With insults. With blame. With the kind of fragile rage that burns everything around it.

Some days, I put on a summer dress because it’s hot and I want to feel good. And suddenly I’ve become a thing:
A platter served without consent.
A walking exhibit, body scanned from head to toe.
A polite nod, a whispered comment too close, a lingering stare that makes my skin crawl.
I get requests instead of respect. Demands instead of dialogue.
And I’m supposed to be flattered?

If I say no, I’m arrogant.
If I ignore them, I’m cold.
If I walk too fast, I’m dramatic.
If I stop to say something, I’m baiting danger.
God forbid I wear headphones. Or shorts. Or confidence.

And still, they touch.
My arm. My waist. My butt.
Because some of them truly believe they’re allowed.
Because too many of them are.
Because the system they made and still rule gives them permission.

And I wonder…
What would it feel like to get a break?
A full week with no men around. Just us.

We’d wear whatever the hell we want.
We’d sunbathe, unshaved, topless, soft and unbothered.
We’d walk home alone at night, headphones in, no keys between our fingers.
We’d dance in the woods.
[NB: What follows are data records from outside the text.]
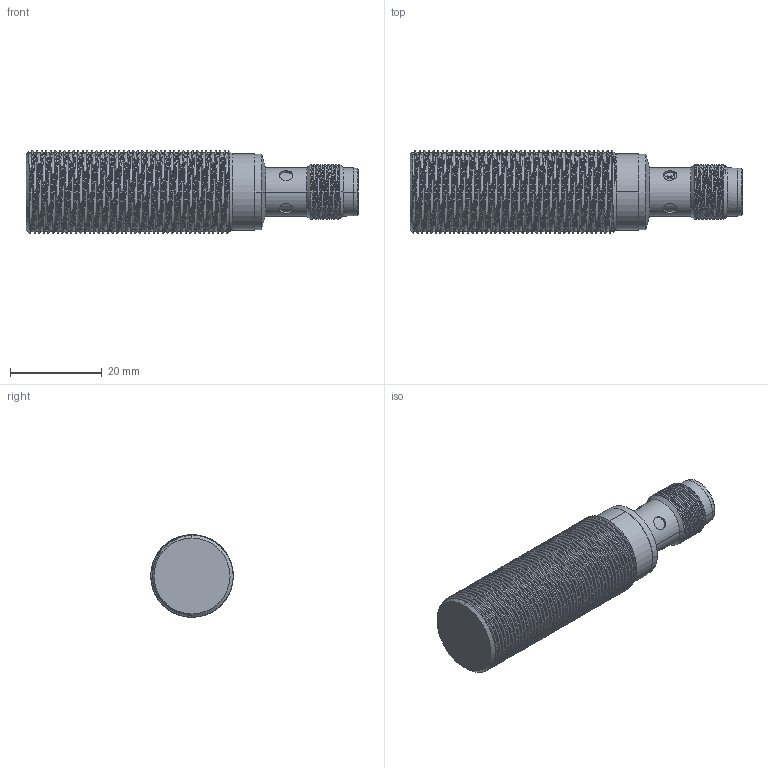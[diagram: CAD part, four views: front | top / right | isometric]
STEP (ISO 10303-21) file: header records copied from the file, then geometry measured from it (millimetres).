
FILE_DESCRIPTION((''),'2;1');
FILE_NAME('M18FLUSHPLUG_ASM','2020-10-28T',('Daisy.Wang'),(''),'CREO PARAMETRIC BY PTC INC, 2015480','CREO PARAMETRIC BY PTC INC, 2015480','');
FILE_SCHEMA(('CONFIG_CONTROL_DESIGN'));
Length unit declared in the file: millimetre
Products named in the file (12): MECK106-M18-FLUSH-HOUSING; M18D15; M18COPPER-FOIL-COIL; M18FLUSHCOIL; MECK107-M18-REARPART; M18-COIL-SUPPORT; M18LONG_FLUSH_PLUG_PCB; M12CONNECTOR; PIN_FULLMETAL; ORING-PLUGM12; CONNECTOR-PIN_ASM; M18FLUSHPLUG_ASM
Assembly tree (14 placements, depth 3):
  M18FLUSHPLUG_ASM
    MECK106-M18-FLUSH-HOUSING
    M18D15
    M18COPPER-FOIL-COIL
    M18FLUSHCOIL
    MECK107-M18-REARPART
    M18-COIL-SUPPORT
    M18LONG_FLUSH_PLUG_PCB
    CONNECTOR-PIN_ASM
      M12CONNECTOR
      PIN_FULLMETAL  x4
      ORING-PLUGM12
Bounding box: 72.5 x 18 x 18 mm (x, y, z)
Volume: 5034.8 mm3; surface area: 13763.4 mm2
Topology: 12 solids, 13 shells, 534 faces, 1340 edges, 834 vertices
Faces by surface type: cylinder 234, plane 119, bspline 74, cone 62, torus 37, sphere 8
Entity records: 34873 total; most frequent: CARTESIAN_POINT 23540, ORIENTED_EDGE 2457, DIRECTION 2086, EDGE_CURVE 1236, AXIS2_PLACEMENT_3D 810, VERTEX_POINT 777, EDGE_LOOP 525, FACE_OUTER_BOUND 489
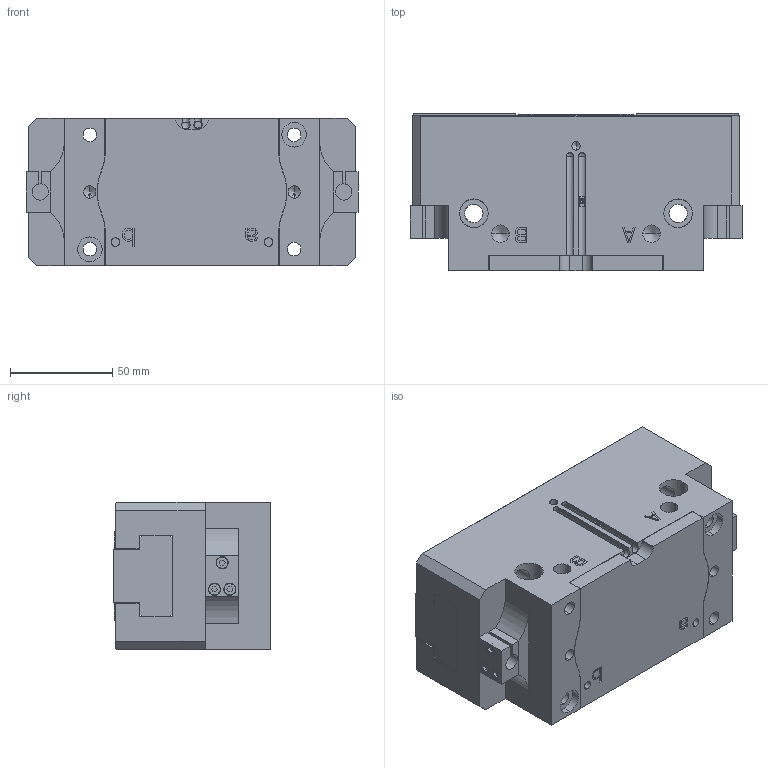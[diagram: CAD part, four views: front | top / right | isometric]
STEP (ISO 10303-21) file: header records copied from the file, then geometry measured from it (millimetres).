
FILE_DESCRIPTION (( 'STEP AP214' ), '1' );
FILE_NAME ('FPT 160A-1.STEP', '2021-09-18T04:41:17', ( 'DEEP' ), ( 'Microsoft' ), 'SwSTEP 2.0', 'SolidWorks 2016', '' );
FILE_SCHEMA (( 'AUTOMOTIVE_DESIGN' ));
Length unit declared in the file: millimetre
Products named in the file (15): FPT 160A-1-002; FPT 160A-1-003; FPT 160A-1; FPT 160A-1-004; FPT 160A-1-005; FPT 160A-1-001; FPT 160A-1-006
Assembly tree (8 placements, depth 2):
  FPT 160A-1-002
  FPT 160A-1-003
  FPT 160A-1
    FPT 160A-1-003
    FPT 160A-1-002
    FPT 160A-1-006
    FPT 160A-1-001  x2
    FPT 160A-1-005
    FPT 160A-1-004  x2
  FPT 160A-1-004
  FPT 160A-1-004
Bounding box: 162.5 x 77 x 72 mm (x, y, z)
Volume: 751652.2 mm3; surface area: 134176.3 mm2
Topology: 8 solids, 8 shells, 625 faces, 1640 edges, 1051 vertices
Faces by surface type: plane 376, cylinder 175, cone 68, bspline 6
Entity records: 17863 total; most frequent: CARTESIAN_POINT 3773, ORIENTED_EDGE 2780, DIRECTION 2778, EDGE_CURVE 1390, VECTOR 1006, LINE 1006, VERTEX_POINT 917, AXIS2_PLACEMENT_3D 886
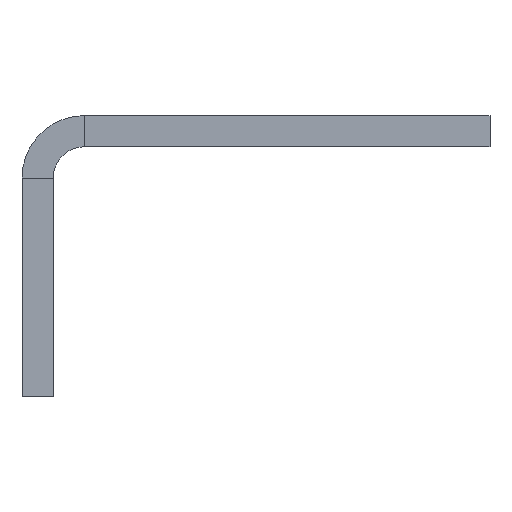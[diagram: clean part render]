
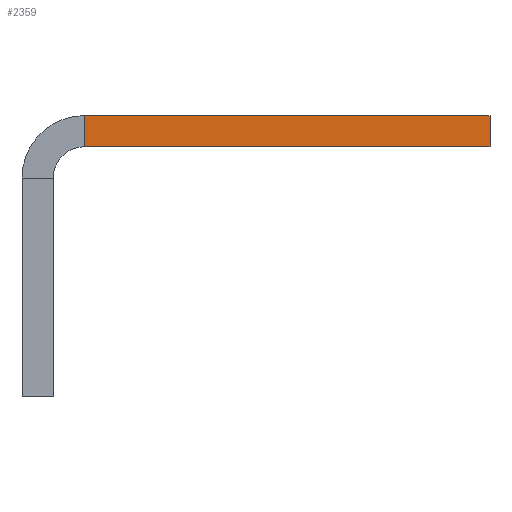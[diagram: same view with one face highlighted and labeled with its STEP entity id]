
A CAD part, front view. The second image highlights one B-rep face of the part: STEP entity #2359.
In plain terms, the highlighted planar face has unit normal (0, -1, 0).
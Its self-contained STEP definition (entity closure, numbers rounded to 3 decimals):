
#7 = CARTESIAN_POINT ( 'NONE',  ( 28., -385., 16. ) ) ;
#13 = CARTESIAN_POINT ( 'NONE',  ( 2., -385., 18. ) ) ;
#49 = LINE ( 'NONE', #2327, #1036 ) ;
#150 = DIRECTION ( 'NONE',  ( 1., 0., 0. ) ) ;
#211 = LINE ( 'NONE', #1805, #1645 ) ;
#256 = AXIS2_PLACEMENT_3D ( 'NONE', #603, #3693, #1882 ) ;
#354 = DIRECTION ( 'NONE',  ( 0., 0., 1. ) ) ;
#357 = CARTESIAN_POINT ( 'NONE',  ( 2., -385., 18. ) ) ;
#430 = EDGE_CURVE ( 'NONE', #1512, #2673, #49, .T. ) ;
#472 = EDGE_CURVE ( 'NONE', #1512, #1023, #3179, .T. ) ;
#503 = CARTESIAN_POINT ( 'NONE',  ( 28., -385., 18. ) ) ;
#603 = CARTESIAN_POINT ( 'NONE',  ( 2., -385., 14. ) ) ;
#612 = VERTEX_POINT ( 'NONE', #1201 ) ;
#789 = VECTOR ( 'NONE', #354, 1000. ) ;
#1023 = VERTEX_POINT ( 'NONE', #1423 ) ;
#1036 = VECTOR ( 'NONE', #2941, 1000. ) ;
#1201 = CARTESIAN_POINT ( 'NONE',  ( 28., -385., 16. ) ) ;
#1288 = LINE ( 'NONE', #7, #789 ) ;
#1325 = EDGE_CURVE ( 'NONE', #1023, #612, #211, .T. ) ;
#1332 = EDGE_LOOP ( 'NONE', ( #2900, #1410, #3175, #3281 ) ) ;
#1410 = ORIENTED_EDGE ( 'NONE', *, *, #472, .T. ) ;
#1423 = CARTESIAN_POINT ( 'NONE',  ( 2., -385., 16. ) ) ;
#1512 = VERTEX_POINT ( 'NONE', #13 ) ;
#1545 = PLANE ( 'NONE',  #256 ) ;
#1645 = VECTOR ( 'NONE', #150, 1000. ) ;
#1805 = CARTESIAN_POINT ( 'NONE',  ( 0., -385., 16. ) ) ;
#1882 = DIRECTION ( 'NONE',  ( -1., 0., 0. ) ) ;
#1965 = EDGE_CURVE ( 'NONE', #612, #2673, #1288, .T. ) ;
#2246 = DIRECTION ( 'NONE',  ( 0., 0., -1. ) ) ;
#2327 = CARTESIAN_POINT ( 'NONE',  ( 0., -385., 18. ) ) ;
#2359 = ADVANCED_FACE ( 'NONE', ( #3394 ), #1545, .T. ) ;
#2673 = VERTEX_POINT ( 'NONE', #503 ) ;
#2900 = ORIENTED_EDGE ( 'NONE', *, *, #430, .F. ) ;
#2941 = DIRECTION ( 'NONE',  ( 1., 0., 0. ) ) ;
#3175 = ORIENTED_EDGE ( 'NONE', *, *, #1325, .T. ) ;
#3179 = LINE ( 'NONE', #357, #3360 ) ;
#3281 = ORIENTED_EDGE ( 'NONE', *, *, #1965, .T. ) ;
#3360 = VECTOR ( 'NONE', #2246, 1000. ) ;
#3394 = FACE_OUTER_BOUND ( 'NONE', #1332, .T. ) ;
#3693 = DIRECTION ( 'NONE',  ( 0., -1., 0. ) ) ;
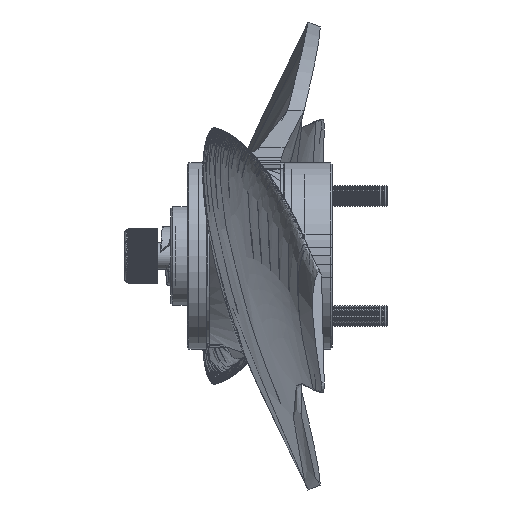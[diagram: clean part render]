
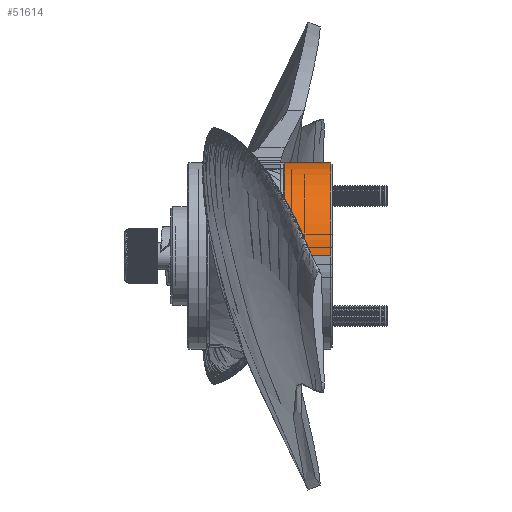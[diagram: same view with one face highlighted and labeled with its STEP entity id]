
A CAD part, left-side view. The second image highlights one B-rep face of the part: STEP entity #51614.
In plain terms, the highlighted cylindrical face has radius 17 mm (diameter 34 mm), a partial arc.
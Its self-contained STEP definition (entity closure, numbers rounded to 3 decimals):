
#4317 = ORIENTED_EDGE ( 'NONE', *, *, #83943, .T. ) ;
#5764 = EDGE_CURVE ( 'NONE', #114689, #74693, #90626, .T. ) ;
#12229 = CARTESIAN_POINT ( 'NONE',  ( -35., -8.7, 0. ) ) ;
#13843 = CARTESIAN_POINT ( 'NONE',  ( -35., -0.3, 17. ) ) ;
#25052 = VERTEX_POINT ( 'NONE', #82726 ) ;
#25358 = DIRECTION ( 'NONE',  ( 0., -1., 0. ) ) ;
#26552 = EDGE_LOOP ( 'NONE', ( #4317, #61595, #87843, #129431 ) ) ;
#27304 = DIRECTION ( 'NONE',  ( 1., 0., 0. ) ) ;
#31871 = CYLINDRICAL_SURFACE ( 'NONE', #135779, 17. ) ;
#32866 = VERTEX_POINT ( 'NONE', #39570 ) ;
#35578 = DIRECTION ( 'NONE',  ( 0., 1., 0. ) ) ;
#37944 = CARTESIAN_POINT ( 'NONE',  ( -35., -0.3, 0. ) ) ;
#39570 = CARTESIAN_POINT ( 'NONE',  ( -52., -0.3, 0. ) ) ;
#46753 = AXIS2_PLACEMENT_3D ( 'NONE', #37944, #124538, #27304 ) ;
#46890 = DIRECTION ( 'NONE',  ( 1., 0., 0. ) ) ;
#51614 = ADVANCED_FACE ( 'NONE', ( #75129 ), #31871, .T. ) ;
#61595 = ORIENTED_EDGE ( 'NONE', *, *, #100200, .T. ) ;
#68813 = CARTESIAN_POINT ( 'NONE',  ( -52., 0., 0. ) ) ;
#74693 = VERTEX_POINT ( 'NONE', #127494 ) ;
#75129 = FACE_OUTER_BOUND ( 'NONE', #26552, .T. ) ;
#82726 = CARTESIAN_POINT ( 'NONE',  ( -52., -8.7, 0. ) ) ;
#83943 = EDGE_CURVE ( 'NONE', #114689, #32866, #107993, .T. ) ;
#87843 = ORIENTED_EDGE ( 'NONE', *, *, #97381, .T. ) ;
#90626 = LINE ( 'NONE', #113300, #122599 ) ;
#95951 = AXIS2_PLACEMENT_3D ( 'NONE', #12229, #35578, #46890 ) ;
#97381 = EDGE_CURVE ( 'NONE', #25052, #74693, #107290, .T. ) ;
#100200 = EDGE_CURVE ( 'NONE', #32866, #25052, #136996, .T. ) ;
#105854 = VECTOR ( 'NONE', #112152, 1000. ) ;
#107290 = CIRCLE ( 'NONE', #95951, 17. ) ;
#107993 = CIRCLE ( 'NONE', #46753, 17. ) ;
#112152 = DIRECTION ( 'NONE',  ( 0., -1., 0. ) ) ;
#113300 = CARTESIAN_POINT ( 'NONE',  ( -35., 0., 17. ) ) ;
#114689 = VERTEX_POINT ( 'NONE', #13843 ) ;
#118468 = CARTESIAN_POINT ( 'NONE',  ( -35., 0., 0. ) ) ;
#122599 = VECTOR ( 'NONE', #25358, 1000. ) ;
#124538 = DIRECTION ( 'NONE',  ( 0., -1., 0. ) ) ;
#127494 = CARTESIAN_POINT ( 'NONE',  ( -35., -8.7, 17. ) ) ;
#129431 = ORIENTED_EDGE ( 'NONE', *, *, #5764, .F. ) ;
#129833 = DIRECTION ( 'NONE',  ( 0., -1., 0. ) ) ;
#135779 = AXIS2_PLACEMENT_3D ( 'NONE', #118468, #129833, #139789 ) ;
#136996 = LINE ( 'NONE', #68813, #105854 ) ;
#139789 = DIRECTION ( 'NONE',  ( -1., 0., 0. ) ) ;

Laugh loudly. Take up space like we were meant to.
We’d talk about joy instead of safety. Dreams instead of fear.
And I think maybe we wouldn’t choose them, after all.
Maybe we were just taught to.

Wouldn’t that break their hearts?
Wouldn’t that terrify them?
To know that if all things were equal, we might not pick them at all?

And then I remind myself, it’s not mean to wonder that.
What’s mean is this world.
Where we are offered up without asking.
Where we are observed, objectified, harassed, and then told to smile about it.

So no. I’m not sorry for feeling this way.
I’m not sorry for being angry.
I’m not sorry for saying that maybe, just maybe, things would be better if men sat the hell down for a while.

Because if they weren’t raised to believe this world belonged to them…
We could just live in it.
Freely. Safely.
Fully.

And maybe then, I wouldn’t be so tired.